News this summer of U.S. consultants including McKinsey being banned from working with China’s state-owned enterprises made big waves. But little has changed since then.
Six days after the U.S. Justice Department filed criminal charges in May against five members of China’s military for hacking into the computer systems of U.S. Steel, SolarWorld, and other companies to steal trade secrets—an escalation in the years-long cyber battle between the countries— a story appeared in Beijing that seemed to indicate the Chinese were striking back
The Financial Times reported that U.S. consulting companies, including McKinsey & Co., Boston Consulting Group, Bain & Co., and Strategy&, formerly Booz & Co., were newly banned from working with Chinese state-owned enterprises. The newspaper quoted a “senior policy adviser” to Chinese leaders saying, “Right now the foreigners use their consulting companies to find out everything they want about our state companies.”
It seemed classic tit-for-tat—a way for the Chinese to register their displeasure at having the pictures of five military officers accused of hacking pasted across the front pages of newspapers around the world.
The Chinese market is important to the consultants, especially because SOE reforms means years, maybe even decades, of potentially lucrative work. They all have businesses catering to multinationals and Chinese firms in China. In 2009, as an example of its access within the country, McKinsey published an influential study about China’s rapid urbanization entitled “Preparing for China’s Urban Billion,” which quickly circulated, starting global discussions about China’s unprecedented urbanization of 250 million people over the next couple of decades.

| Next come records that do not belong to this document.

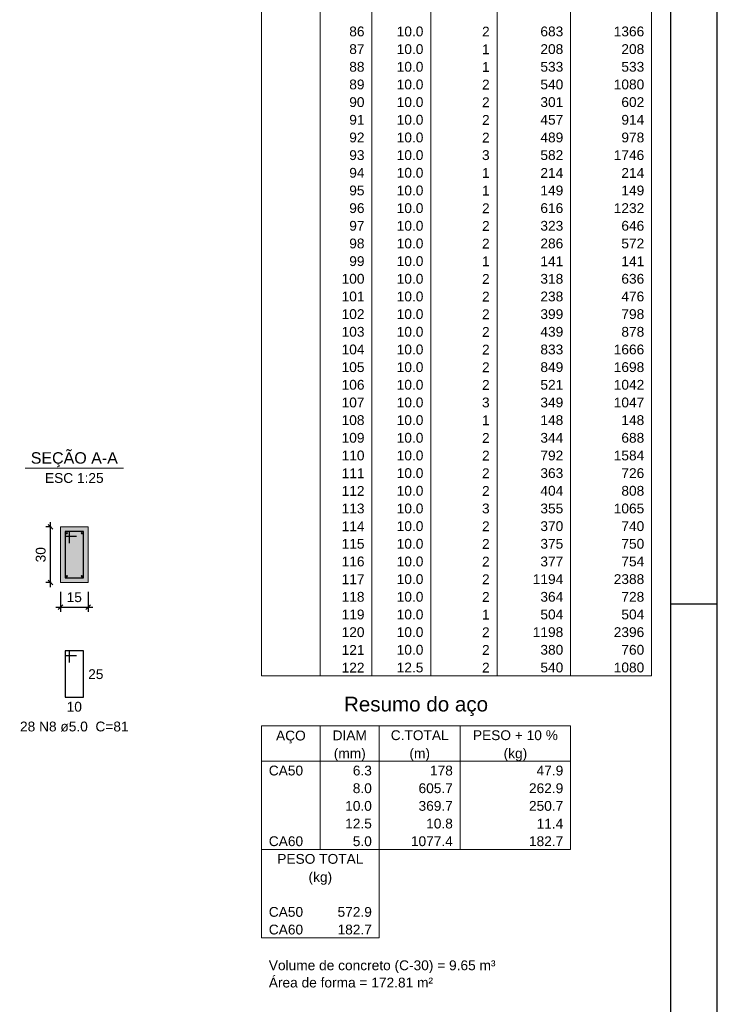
# Model space of a CAD drawing. Header units: millimetres. Extents: x 0 to 119, y 0 to 84.
# Tile 26 of 31: x 104 to 119, y 21 to 42. Entities that reach past the tile are written whole.
import ezdxf

# ---------------------------------------------------------------- set-up
doc = ezdxf.new("R2010")
doc.units = ezdxf.units.MM
doc.header["$MEASUREMENT"] = 0
doc.linetypes.add('NULL', pattern=[0])
doc.layers.get('0').update_dxf_attribs({"lineweight": 18})
for name, color, linetype, lineweight in [('Descrição da armadura', 7, 'Continuous', 0), ('DT-Barras na forma', 2, 'Continuous', 30), ('DT-Barras no corte', 5, 'Continuous', 5), ('DT-Barras rebatidas', 2, 'Continuous', 30), ('DT-Cotas', 9, 'Continuous', 5), ('DT-Forma', 5, 'Continuous', 5), ('DT-Hachura seção vigas', 254, 'Continuous', 5), ('DT-Relação do aço', 9, 'Continuous', 5), ('DT-Textos', 7, 'Continuous', 5), ('Textos armaduras', 7, 'Continuous', 0)]:
    doc.layers.add(name, color=color, linetype=linetype, lineweight=lineweight)
doc.layers.add('SEDUC_MARF', color=1, linetype='Continuous')
doc.layers.add('SEDUC_MARGG', color=7, linetype='Continuous')
doc.styles.add('Arial', font='txt')
doc.dimstyles.new('UM_25.000000', dxfattribs={"dimtxt": 0.18, "dimasz": 0.1, "dimexe": 0.1, "dimexo": 0.2, "dimgap": 0, "dimtad": 1, "dimtih": 1, "dimtoh": 1, "dimdec": 1, "dimlfac": 25, "dimzin": 0, "dimdsep": 46, "dimtxsty": 'Standard', "dimcen": 0.09, "dimdle": 0.1, "dimadec": 1, "dimazin": 2, "dimtfac": 1, "dimtdec": 4, "dimtofl": 0, "dimtmove": 0, "dimatfit": 3, "dimfxl": 1, "dimtolj": 1, "dimarcsym": 0})

# ---------------------------------------------------------------- blocks, each defined once
blk = doc.blocks.new('_Oblique')
at = {"color": 0, "linetype": 'ByBlock', "lineweight": -2}
blk.add_line((-0.5, -0.5), (0.5, 0.5), dxfattribs=at)
blk = doc.blocks.new('*D285')
at = {"layer": 'Defpoints', "color": 0}
for p in [(104.513555, 31.35792), (104.725355, 31.35792), (104.725355, 30.15792)]:
    blk.add_point(p, dxfattribs=at)
at = {"layer": 'DT-Cotas', "color": 0, "lineweight": -2}
for p, q in [((104.513555, 30.05792), (104.513555, 31.45792)), ((104.525355, 31.35792), (104.413555, 31.35792)), ((104.525355, 30.15792), (104.413555, 30.15792))]:
    blk.add_line(p, q, dxfattribs=at)
at = {"layer": 'DT-Cotas', "color": 0, "lineweight": -2, "xscale": 0.1, "yscale": 0.1, "zscale": 0.1}
for p, rotation in [((104.513555, 31.35792), 90), ((104.513555, 30.15792), 270)]:
    blk.add_blockref('_Oblique', p, dxfattribs=dict(at, rotation=rotation))
at = {"layer": 'DT-Cotas', "color": 7, "insert": (104.301755, 30.75792), "char_height": 0.2118, "attachment_point": 5, "rotation": 90, "style": 'Arial'}
blk.add_mtext('\\A1;30', dxfattribs=at)
blk = doc.blocks.new('*D286')
at = {"layer": 'Defpoints', "color": 0}
for p in [(104.725355, 30.15792), (105.325355, 30.15792), (105.325355, 29.62842)]:
    blk.add_point(p, dxfattribs=at)
at = {"layer": 'DT-Cotas', "color": 0, "lineweight": -2}
for p, q in [((104.725355, 29.95792), (104.725355, 29.52842)), ((105.325355, 29.95792), (105.325355, 29.52842)), ((104.625355, 29.62842), (105.425355, 29.62842))]:
    blk.add_line(p, q, dxfattribs=at)
at = {"layer": 'DT-Cotas', "color": 0, "lineweight": -2, "xscale": 0.1, "yscale": 0.1, "zscale": 0.1, "rotation": 180}
blk.add_blockref('_Oblique', (104.725355, 29.62842), dxfattribs=at)
at = {"layer": 'DT-Cotas', "color": 0, "lineweight": -2, "xscale": 0.1, "yscale": 0.1, "zscale": 0.1}
blk.add_blockref('_Oblique', (105.325355, 29.62842), dxfattribs=at)
at = {"layer": 'DT-Cotas', "color": 7, "insert": (105.025355, 29.84022), "char_height": 0.2118, "attachment_point": 5, "style": 'Arial'}
blk.add_mtext('\\A1;15', dxfattribs=at)

msp = doc.modelspace()

# ---------------------------------------------------------------- hatches: boundary and pattern name
at = {"layer": 'DT-Hachura seção vigas', "linetype": 'Continuous'}
msp.add_hatch(color=254, dxfattribs=at).paths.add_polyline_path([(104.7254, 30.1579), (104.7254, 30.1579), (105.3254, 30.1579), (105.3254, 31.3579), (104.7254, 31.3579), (104.7254, 30.1579)])

# ---------------------------------------------------------------- linework, layer by layer
at = {"layer": 'DT-Barras na forma'}
for p, q in [((104.9254, 31.2579), (104.8254, 31.2579)), ((104.8254, 31.2579), (104.8254, 30.2579)), ((105.2254, 31.2579), (104.8254, 31.2579)), ((104.8254, 31.2579), (104.8254, 31.1579)), ((104.9254, 31.0079), (104.9254, 31.2579)), ((105.2254, 30.2579), (105.2254, 31.2579)), ((104.8254, 31.1579), (105.0754, 31.1579)), ((104.8254, 30.2579), (105.2254, 30.2579))]:
    msp.add_line(p, q, dxfattribs=at)
at = {"layer": 'DT-Barras no corte'}
for centre in [(104.8614, 31.2219), (105.1894, 31.2219), (104.8614, 30.2939), (105.1894, 30.2939)]:
    msp.add_circle(centre, 0.016, dxfattribs=at)
at = {"layer": 'DT-Barras rebatidas'}
msp.add_lwpolyline([(104.9254, 28.4312), (104.9254, 28.6812), (104.8254, 28.6812), (104.8254, 27.6812), (105.2254, 27.6812), (105.2254, 28.6812), (104.8254, 28.6812), (104.8254, 28.5812), (105.0754, 28.5812)], dxfattribs=at)
at = {"layer": 'DT-Forma'}
for p, q in [((105.3254, 31.3579), (104.7254, 31.3579)), ((104.7254, 31.3579), (104.7254, 30.1579)), ((105.3254, 30.1579), (105.3254, 31.3579)), ((104.7254, 30.1579), (105.3254, 30.1579))]:
    msp.add_line(p, q, dxfattribs=at)
at = {"layer": 'DT-Relação do aço', "linetype": 'Continuous'}
for p, q in [((109.0634, 74.6575), (109.0634, 28.1462)), ((110.3342, 74.6575), (110.3342, 28.1462)), ((111.4462, 74.6575), (111.4462, 28.1462)), ((112.7169, 74.6575), (112.7169, 28.1462)), ((114.1466, 74.6575), (114.1466, 28.1462)), ((115.7351, 74.6575), (115.7351, 28.1462)), ((117.4825, 74.6575), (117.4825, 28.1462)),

Except after the consultant news broke, nothing much happened. The consultancies didn’t lose SOE clients. The Chinese haven’t raised the subject again. And nearly five months later, conversations with the consultancies themselves and others close to them in Beijing indicate that it’s life as usual. “As far as we know, international consulting firms (including BCG) and our SOE clients have not received official government policy on this issue,” says Gemma Tian, a spokeswoman for BCG. “We continue to support our clients with all types of ownership in China and will keep our strong commitment here.” McKinsey, Strategy&, and Bain declined comment.
The anonymous talk of banning U.S. consultants looks like nothing more than a nationalistic retaliation via words. Two senior consultants working in Beijing, not with the four companies listed above, said their own businesses haven’t been affected. They continue to work with SOE clients like nothing has happened. One pointed out that if China’s SOE reform is real, and the world’s top consultancies were banned from helping, where exactly would SOEs turn? To China’s CITIC Group, the financial conglomerate that doesn’t have a sizable advisory business—let alone one with a reputation outside China’s borders?
The Chinese banning McKinsey and Bain as a reaction to the U.S. indictments seemed plausible. At the same time this summer, investigations into foreign companies were ramping up and many multinationals felt pressured. I became interested in the story during the reporting of a larger story about the pressures multinationals faced in China. That’s when I called around and heard consultants say nothing much had changed. The fact that a story hadn’t refuted the original news made sense because everyone was happy: SOEs could continue working with top consultants, and the government could boast about being vigilant on American spying.
The Chinese were sending a message, albeit without actually spiting themselves by cutting off their companies from the world’s best management whizzes.